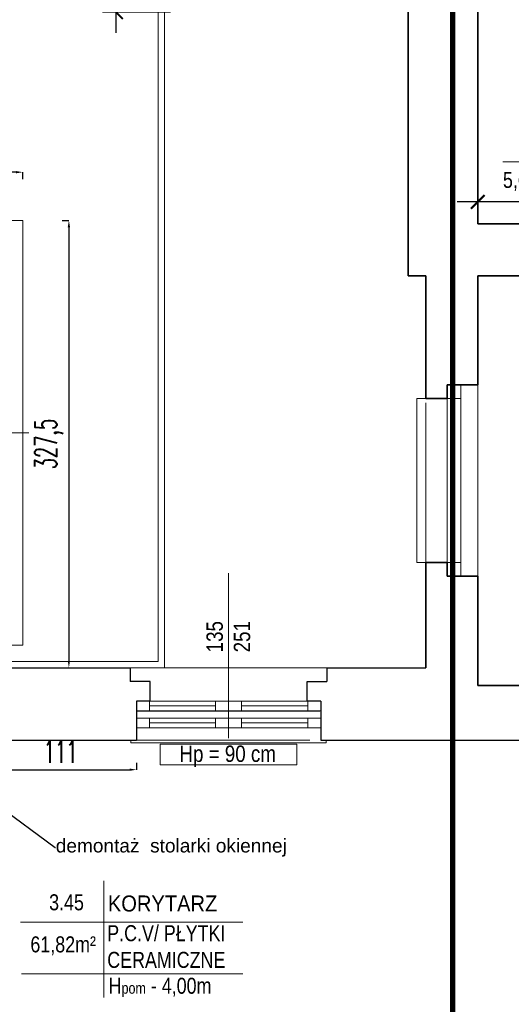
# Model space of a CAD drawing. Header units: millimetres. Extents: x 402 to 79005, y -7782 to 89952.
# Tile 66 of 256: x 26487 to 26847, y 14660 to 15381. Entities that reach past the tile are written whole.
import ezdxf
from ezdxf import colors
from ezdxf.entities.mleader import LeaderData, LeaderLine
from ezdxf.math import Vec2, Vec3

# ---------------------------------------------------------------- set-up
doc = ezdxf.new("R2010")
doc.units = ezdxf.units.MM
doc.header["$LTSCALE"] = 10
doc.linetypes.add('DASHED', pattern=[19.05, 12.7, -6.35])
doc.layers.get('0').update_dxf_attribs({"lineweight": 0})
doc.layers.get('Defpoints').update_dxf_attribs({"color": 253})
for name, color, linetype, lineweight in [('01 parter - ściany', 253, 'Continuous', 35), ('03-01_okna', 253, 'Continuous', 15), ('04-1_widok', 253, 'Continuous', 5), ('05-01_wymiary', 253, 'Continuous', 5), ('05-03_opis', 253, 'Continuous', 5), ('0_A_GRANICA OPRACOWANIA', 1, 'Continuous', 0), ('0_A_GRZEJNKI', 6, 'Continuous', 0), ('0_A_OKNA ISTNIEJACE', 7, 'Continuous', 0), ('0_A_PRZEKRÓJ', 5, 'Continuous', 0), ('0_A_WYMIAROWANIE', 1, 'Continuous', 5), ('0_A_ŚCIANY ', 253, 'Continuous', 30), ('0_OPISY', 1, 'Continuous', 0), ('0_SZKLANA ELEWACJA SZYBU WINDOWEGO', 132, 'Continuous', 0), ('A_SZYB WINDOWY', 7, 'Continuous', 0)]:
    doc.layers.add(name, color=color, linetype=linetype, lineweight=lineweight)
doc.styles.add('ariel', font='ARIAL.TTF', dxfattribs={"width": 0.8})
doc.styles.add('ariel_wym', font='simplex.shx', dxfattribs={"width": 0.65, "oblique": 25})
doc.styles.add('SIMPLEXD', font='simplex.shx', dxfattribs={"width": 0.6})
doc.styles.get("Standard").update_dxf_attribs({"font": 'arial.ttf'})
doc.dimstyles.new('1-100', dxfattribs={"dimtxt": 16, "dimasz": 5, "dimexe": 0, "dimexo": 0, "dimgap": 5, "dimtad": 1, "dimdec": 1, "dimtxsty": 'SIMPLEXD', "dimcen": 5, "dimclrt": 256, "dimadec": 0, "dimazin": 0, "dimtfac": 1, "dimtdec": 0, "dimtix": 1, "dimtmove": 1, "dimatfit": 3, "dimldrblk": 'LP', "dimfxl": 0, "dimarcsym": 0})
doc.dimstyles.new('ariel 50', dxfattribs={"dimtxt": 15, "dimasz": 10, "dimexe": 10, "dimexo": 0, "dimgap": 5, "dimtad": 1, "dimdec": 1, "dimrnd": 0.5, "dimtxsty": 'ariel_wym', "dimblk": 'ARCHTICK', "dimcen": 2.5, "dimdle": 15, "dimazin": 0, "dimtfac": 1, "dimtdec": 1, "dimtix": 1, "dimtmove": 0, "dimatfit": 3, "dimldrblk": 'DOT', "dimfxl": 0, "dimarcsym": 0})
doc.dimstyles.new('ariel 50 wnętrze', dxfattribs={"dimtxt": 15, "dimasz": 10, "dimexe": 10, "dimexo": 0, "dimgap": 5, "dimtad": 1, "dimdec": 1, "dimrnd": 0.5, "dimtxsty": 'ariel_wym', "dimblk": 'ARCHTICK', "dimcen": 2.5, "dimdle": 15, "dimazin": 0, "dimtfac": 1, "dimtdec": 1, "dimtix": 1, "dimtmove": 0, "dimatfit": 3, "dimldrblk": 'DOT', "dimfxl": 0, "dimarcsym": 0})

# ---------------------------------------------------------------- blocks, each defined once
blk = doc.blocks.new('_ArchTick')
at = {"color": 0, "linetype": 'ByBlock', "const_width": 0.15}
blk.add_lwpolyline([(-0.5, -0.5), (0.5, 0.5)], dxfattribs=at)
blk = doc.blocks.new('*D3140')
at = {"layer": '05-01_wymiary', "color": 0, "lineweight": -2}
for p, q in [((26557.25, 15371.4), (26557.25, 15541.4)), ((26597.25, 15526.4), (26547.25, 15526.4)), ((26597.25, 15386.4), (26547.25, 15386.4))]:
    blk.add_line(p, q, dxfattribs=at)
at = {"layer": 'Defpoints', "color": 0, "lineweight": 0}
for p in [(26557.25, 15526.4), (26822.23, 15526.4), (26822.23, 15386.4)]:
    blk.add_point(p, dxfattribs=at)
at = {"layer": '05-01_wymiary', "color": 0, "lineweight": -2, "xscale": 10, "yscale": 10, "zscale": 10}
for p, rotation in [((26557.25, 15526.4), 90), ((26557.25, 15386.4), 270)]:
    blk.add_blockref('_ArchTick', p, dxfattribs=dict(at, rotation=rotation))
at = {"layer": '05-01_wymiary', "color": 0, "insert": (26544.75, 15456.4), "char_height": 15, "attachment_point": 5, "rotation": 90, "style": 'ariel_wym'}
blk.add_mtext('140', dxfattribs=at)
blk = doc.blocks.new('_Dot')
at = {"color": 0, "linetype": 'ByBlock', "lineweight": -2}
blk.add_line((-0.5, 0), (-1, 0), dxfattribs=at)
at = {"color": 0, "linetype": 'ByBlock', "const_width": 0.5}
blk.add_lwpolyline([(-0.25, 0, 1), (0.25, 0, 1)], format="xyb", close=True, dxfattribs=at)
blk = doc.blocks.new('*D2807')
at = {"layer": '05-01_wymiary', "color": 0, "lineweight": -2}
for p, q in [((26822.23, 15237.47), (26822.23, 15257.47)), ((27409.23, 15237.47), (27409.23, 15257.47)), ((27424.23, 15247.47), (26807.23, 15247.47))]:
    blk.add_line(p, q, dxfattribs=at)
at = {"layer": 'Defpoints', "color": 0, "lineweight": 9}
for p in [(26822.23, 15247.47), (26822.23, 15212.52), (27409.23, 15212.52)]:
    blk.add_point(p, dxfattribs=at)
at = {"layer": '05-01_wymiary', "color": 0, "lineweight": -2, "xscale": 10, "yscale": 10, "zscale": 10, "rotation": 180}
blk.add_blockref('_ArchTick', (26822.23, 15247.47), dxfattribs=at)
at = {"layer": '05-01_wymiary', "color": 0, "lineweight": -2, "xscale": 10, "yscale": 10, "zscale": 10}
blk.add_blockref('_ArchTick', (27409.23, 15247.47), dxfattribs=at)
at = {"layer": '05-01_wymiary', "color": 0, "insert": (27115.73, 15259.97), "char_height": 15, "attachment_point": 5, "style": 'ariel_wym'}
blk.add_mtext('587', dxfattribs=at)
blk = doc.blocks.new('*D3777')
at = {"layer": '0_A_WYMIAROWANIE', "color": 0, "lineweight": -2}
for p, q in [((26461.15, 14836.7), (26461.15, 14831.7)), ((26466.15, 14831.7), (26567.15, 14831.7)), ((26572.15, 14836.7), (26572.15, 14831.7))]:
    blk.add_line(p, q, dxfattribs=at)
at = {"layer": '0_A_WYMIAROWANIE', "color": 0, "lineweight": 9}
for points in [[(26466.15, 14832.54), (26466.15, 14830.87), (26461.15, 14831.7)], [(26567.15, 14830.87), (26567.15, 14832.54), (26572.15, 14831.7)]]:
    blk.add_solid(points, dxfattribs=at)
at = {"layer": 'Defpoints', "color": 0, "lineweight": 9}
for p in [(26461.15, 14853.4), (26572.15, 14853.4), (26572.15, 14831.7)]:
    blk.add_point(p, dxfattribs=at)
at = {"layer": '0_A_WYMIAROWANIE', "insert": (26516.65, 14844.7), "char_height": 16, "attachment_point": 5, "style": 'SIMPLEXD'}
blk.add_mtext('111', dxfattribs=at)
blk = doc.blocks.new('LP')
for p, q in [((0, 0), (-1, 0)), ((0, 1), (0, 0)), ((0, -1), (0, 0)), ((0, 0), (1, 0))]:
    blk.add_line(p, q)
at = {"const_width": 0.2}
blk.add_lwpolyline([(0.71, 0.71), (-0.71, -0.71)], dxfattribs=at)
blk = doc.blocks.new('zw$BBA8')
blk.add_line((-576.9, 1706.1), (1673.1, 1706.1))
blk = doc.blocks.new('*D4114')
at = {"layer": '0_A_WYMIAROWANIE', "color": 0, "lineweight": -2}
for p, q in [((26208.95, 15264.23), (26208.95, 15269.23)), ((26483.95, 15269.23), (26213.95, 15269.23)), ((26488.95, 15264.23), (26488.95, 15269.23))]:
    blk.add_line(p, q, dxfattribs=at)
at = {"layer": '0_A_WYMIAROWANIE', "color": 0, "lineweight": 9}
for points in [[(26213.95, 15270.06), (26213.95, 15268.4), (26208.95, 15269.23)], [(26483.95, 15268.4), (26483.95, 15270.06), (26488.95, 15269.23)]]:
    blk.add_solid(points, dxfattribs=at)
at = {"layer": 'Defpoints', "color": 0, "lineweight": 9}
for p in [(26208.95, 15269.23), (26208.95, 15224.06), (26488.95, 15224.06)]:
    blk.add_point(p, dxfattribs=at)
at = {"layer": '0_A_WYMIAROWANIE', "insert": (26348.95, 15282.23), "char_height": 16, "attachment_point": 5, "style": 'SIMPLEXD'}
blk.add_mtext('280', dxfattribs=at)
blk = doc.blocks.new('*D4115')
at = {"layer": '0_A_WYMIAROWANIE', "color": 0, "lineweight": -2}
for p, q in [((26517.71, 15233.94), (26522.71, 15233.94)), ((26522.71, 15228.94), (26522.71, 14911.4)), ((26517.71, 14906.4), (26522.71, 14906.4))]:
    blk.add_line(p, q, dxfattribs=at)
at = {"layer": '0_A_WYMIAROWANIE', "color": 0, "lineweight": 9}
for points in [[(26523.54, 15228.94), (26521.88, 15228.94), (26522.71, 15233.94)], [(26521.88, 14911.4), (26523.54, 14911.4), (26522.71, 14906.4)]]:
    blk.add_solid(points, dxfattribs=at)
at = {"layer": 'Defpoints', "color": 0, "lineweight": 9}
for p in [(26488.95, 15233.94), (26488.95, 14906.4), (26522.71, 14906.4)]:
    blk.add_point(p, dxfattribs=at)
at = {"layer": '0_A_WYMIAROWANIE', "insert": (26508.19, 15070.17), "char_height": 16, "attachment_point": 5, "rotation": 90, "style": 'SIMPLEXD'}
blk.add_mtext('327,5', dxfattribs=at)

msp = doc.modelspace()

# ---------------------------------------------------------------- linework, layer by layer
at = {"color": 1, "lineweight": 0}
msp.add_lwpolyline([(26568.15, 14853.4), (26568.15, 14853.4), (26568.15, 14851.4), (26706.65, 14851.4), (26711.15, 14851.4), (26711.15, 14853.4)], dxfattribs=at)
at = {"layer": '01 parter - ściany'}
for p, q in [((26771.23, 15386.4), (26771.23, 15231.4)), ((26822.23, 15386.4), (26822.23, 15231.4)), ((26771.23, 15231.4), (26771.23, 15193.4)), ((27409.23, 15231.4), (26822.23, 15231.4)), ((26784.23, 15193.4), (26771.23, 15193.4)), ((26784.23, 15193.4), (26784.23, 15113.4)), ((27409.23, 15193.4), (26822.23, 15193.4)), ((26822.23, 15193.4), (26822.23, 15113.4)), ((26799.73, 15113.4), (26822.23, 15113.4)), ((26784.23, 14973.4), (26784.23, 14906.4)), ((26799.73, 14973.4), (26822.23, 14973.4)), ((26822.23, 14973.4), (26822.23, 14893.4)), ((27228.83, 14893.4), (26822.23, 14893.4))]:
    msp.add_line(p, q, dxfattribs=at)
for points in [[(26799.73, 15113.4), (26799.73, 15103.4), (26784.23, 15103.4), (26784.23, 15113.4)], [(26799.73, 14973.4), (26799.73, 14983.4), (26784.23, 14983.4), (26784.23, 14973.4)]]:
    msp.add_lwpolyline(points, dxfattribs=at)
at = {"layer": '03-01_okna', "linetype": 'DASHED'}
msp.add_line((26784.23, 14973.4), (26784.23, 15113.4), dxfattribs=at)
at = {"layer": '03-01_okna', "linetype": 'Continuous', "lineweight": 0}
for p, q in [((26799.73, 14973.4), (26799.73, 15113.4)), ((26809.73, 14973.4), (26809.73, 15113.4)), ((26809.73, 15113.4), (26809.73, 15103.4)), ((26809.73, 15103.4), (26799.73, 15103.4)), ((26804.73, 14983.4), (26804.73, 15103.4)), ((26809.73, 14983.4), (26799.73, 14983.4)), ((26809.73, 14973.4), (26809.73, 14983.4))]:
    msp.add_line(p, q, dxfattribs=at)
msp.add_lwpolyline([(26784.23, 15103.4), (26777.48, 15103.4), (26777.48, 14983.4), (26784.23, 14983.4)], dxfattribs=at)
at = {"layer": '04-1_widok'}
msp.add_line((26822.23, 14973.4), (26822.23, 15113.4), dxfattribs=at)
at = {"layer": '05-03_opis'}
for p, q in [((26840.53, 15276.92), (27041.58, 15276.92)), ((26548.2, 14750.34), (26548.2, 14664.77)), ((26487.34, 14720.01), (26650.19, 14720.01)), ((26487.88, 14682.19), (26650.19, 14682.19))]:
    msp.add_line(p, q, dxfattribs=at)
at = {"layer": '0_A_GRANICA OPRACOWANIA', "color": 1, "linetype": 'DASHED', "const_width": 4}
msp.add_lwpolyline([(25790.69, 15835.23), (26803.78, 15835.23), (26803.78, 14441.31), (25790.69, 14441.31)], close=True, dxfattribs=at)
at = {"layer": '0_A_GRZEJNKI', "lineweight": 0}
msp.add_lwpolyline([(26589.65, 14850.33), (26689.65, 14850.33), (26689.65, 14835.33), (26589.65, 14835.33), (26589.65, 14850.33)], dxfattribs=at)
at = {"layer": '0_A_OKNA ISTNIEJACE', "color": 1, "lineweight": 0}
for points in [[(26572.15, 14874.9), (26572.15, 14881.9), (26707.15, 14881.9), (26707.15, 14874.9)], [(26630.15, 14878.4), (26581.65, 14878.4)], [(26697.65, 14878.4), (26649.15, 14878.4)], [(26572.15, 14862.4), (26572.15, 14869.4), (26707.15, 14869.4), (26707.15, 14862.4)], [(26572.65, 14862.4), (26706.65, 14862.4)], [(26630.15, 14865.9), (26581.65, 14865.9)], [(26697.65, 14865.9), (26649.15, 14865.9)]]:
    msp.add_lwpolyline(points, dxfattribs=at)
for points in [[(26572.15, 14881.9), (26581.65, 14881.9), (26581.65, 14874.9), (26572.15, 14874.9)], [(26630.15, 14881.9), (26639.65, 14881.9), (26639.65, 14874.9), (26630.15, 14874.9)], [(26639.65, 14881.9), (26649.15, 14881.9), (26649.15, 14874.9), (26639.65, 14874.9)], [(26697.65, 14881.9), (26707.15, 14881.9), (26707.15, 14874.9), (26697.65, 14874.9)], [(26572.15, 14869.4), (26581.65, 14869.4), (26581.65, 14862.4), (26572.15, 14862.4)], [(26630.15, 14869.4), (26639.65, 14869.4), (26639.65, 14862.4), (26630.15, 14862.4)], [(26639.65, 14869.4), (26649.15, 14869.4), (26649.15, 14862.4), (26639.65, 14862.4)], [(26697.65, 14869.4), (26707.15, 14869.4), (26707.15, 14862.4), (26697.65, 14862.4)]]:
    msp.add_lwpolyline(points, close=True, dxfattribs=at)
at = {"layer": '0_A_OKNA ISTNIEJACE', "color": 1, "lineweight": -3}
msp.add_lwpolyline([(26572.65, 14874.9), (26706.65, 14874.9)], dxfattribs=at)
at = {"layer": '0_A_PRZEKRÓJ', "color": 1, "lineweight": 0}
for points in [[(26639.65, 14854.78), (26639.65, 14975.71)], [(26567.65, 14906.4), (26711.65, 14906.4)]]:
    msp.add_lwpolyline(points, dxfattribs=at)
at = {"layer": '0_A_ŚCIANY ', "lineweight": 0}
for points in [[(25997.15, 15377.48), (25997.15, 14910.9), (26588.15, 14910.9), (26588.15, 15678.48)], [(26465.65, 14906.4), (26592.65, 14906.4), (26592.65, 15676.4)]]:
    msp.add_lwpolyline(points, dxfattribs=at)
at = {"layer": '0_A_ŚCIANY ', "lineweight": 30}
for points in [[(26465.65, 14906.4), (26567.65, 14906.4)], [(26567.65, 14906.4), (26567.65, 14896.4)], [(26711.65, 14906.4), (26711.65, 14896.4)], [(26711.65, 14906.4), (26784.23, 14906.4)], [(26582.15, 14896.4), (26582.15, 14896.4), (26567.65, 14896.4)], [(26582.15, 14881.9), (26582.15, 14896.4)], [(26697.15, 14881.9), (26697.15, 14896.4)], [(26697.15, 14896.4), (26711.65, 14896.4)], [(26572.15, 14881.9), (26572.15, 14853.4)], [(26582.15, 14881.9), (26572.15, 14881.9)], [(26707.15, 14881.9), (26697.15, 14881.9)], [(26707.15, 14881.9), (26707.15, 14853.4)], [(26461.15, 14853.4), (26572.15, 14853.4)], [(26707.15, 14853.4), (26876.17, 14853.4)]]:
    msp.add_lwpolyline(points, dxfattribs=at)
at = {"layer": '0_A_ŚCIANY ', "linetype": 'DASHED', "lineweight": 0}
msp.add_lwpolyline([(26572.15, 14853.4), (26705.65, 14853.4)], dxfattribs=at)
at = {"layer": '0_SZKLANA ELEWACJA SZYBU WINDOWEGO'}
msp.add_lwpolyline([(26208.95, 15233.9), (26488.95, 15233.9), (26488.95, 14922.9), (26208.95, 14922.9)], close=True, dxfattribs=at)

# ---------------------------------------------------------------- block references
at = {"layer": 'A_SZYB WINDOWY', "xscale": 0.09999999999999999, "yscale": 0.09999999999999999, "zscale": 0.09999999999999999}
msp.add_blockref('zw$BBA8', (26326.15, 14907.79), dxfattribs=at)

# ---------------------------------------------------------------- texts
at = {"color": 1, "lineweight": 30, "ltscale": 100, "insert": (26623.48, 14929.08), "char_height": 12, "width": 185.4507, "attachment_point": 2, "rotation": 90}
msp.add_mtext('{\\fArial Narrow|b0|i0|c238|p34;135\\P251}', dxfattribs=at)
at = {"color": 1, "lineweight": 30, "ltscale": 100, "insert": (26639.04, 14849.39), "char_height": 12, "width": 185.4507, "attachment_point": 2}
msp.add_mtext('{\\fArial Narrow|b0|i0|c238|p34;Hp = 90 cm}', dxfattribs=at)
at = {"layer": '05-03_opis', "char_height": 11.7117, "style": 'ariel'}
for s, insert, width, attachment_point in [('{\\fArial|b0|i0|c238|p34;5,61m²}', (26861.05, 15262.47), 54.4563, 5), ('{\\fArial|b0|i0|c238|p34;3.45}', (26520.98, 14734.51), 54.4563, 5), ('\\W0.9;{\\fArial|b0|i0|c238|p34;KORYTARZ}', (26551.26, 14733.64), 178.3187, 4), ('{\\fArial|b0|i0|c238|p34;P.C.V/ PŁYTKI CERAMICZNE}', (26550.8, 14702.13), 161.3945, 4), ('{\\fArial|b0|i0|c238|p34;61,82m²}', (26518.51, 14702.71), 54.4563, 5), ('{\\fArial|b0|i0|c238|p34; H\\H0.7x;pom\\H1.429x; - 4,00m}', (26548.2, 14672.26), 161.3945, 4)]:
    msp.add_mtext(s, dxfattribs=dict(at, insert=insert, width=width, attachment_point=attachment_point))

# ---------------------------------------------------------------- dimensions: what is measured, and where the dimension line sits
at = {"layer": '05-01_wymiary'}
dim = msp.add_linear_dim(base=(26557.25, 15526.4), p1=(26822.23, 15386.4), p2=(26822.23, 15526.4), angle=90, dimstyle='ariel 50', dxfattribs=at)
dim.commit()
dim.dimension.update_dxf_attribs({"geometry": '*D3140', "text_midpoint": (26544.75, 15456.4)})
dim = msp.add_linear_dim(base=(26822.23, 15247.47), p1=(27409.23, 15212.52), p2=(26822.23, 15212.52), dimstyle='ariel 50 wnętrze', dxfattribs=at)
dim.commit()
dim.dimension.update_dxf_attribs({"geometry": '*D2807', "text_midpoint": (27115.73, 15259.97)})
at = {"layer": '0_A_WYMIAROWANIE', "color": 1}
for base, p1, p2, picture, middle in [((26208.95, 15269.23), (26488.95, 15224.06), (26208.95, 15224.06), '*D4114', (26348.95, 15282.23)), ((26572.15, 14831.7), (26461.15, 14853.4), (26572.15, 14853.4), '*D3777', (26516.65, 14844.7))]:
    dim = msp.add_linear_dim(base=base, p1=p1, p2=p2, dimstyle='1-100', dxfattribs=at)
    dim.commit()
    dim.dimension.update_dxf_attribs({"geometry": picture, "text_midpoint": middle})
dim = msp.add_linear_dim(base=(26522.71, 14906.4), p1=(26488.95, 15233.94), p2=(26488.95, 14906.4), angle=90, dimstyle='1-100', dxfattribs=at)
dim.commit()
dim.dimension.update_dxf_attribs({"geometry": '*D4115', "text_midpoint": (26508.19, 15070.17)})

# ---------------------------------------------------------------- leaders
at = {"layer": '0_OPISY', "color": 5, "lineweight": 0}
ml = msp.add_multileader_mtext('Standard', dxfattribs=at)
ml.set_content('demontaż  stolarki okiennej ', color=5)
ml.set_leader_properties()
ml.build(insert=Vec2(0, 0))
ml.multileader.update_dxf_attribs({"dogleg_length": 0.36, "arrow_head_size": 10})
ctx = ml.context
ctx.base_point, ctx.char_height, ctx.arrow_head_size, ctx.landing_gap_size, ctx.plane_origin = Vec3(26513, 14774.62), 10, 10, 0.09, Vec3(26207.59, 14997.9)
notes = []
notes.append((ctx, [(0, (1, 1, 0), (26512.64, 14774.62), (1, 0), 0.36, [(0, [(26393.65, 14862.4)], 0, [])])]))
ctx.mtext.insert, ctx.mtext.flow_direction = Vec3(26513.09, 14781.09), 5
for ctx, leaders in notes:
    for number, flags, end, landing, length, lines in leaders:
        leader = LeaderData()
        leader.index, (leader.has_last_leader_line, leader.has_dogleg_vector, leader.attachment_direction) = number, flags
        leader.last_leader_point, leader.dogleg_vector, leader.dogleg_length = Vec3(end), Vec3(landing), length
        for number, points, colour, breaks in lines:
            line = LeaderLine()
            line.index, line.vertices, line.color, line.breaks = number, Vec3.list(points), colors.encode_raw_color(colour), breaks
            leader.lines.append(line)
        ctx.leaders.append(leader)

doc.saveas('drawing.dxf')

______________________________

PROBLEM STATEMENT - If the word "ByBlock" is on a line above, return that line.

REPLY TO THE TASK -
at = {"color": 0, "linetype": 'ByBlock', "const_width": 0.15}
at = {"color": 0, "linetype": 'ByBlock', "lineweight": -2}
at = {"color": 0, "linetype": 'ByBlock', "const_width": 0.5}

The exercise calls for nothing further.